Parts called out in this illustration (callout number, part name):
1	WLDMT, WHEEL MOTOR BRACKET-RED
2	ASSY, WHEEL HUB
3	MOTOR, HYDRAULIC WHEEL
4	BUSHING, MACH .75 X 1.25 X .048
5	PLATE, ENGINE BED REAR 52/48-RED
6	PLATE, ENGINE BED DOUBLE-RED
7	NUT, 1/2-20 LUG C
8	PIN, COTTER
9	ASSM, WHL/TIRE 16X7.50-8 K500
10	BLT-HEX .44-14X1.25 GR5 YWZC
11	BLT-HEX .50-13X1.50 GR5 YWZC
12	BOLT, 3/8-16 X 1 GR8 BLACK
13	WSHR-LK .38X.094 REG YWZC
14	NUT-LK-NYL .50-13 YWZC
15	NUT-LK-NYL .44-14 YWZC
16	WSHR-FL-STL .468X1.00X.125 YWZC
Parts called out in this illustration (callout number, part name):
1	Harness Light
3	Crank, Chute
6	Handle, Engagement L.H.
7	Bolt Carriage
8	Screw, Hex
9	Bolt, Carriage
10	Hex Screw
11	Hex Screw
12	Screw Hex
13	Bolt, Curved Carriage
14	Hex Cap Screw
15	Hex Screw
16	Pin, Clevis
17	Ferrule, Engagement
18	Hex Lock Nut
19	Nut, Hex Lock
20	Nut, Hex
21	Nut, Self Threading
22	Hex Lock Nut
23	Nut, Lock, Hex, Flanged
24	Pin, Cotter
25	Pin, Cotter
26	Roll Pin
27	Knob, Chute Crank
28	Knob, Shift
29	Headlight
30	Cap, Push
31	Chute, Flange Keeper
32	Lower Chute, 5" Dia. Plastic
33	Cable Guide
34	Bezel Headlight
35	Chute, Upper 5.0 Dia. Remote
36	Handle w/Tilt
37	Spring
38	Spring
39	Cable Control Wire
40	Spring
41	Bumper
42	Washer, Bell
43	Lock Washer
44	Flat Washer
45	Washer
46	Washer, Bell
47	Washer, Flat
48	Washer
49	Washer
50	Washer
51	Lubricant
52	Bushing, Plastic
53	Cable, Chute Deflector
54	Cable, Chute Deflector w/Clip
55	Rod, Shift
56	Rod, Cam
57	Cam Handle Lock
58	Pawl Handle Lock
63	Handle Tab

------------------------------

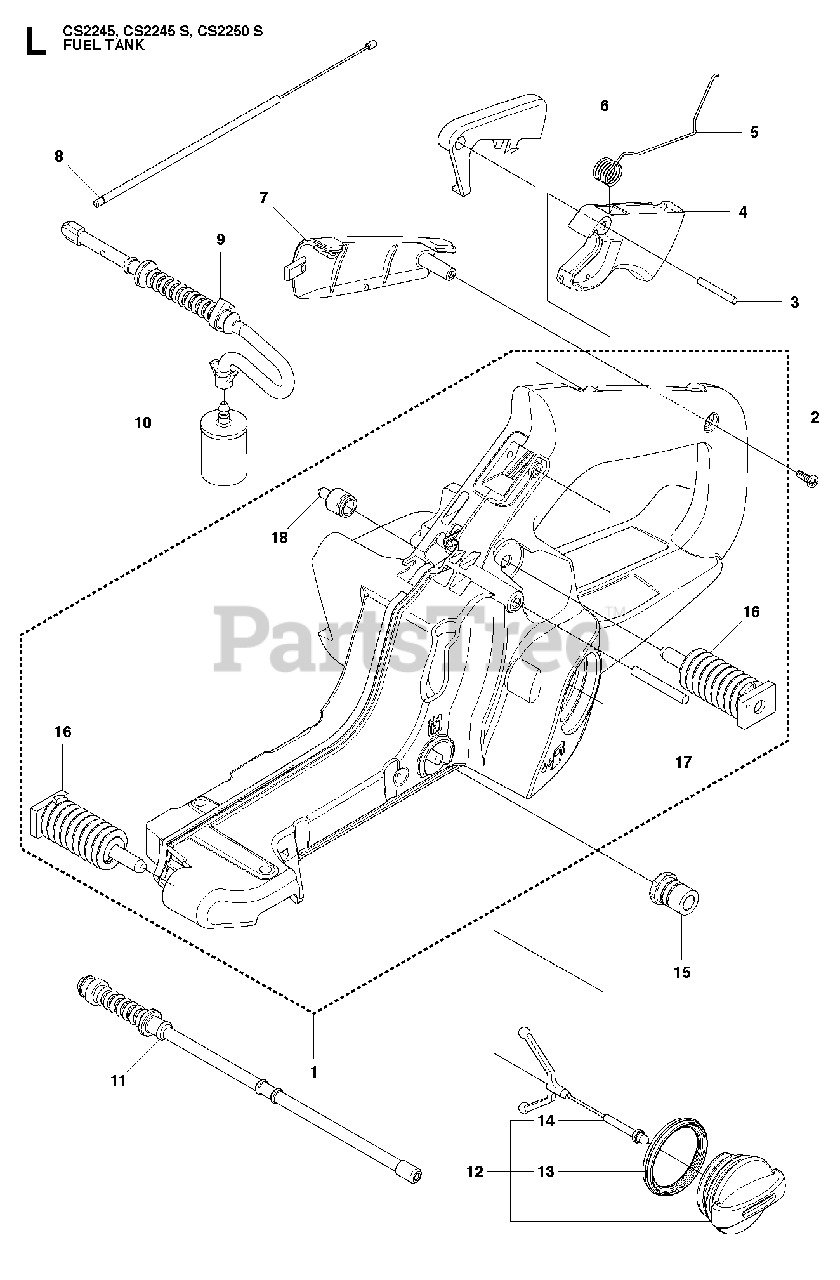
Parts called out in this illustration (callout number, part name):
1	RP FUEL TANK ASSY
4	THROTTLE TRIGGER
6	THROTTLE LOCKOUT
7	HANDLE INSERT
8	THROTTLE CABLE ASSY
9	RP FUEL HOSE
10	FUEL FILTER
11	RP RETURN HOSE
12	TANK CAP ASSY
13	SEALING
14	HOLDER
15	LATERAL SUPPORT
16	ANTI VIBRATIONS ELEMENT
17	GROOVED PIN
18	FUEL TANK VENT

------------------------------

Task requirements ▸ After reading through the records, count the lines that hold the string "TANK" and give only the count.

Answer space ▸ 3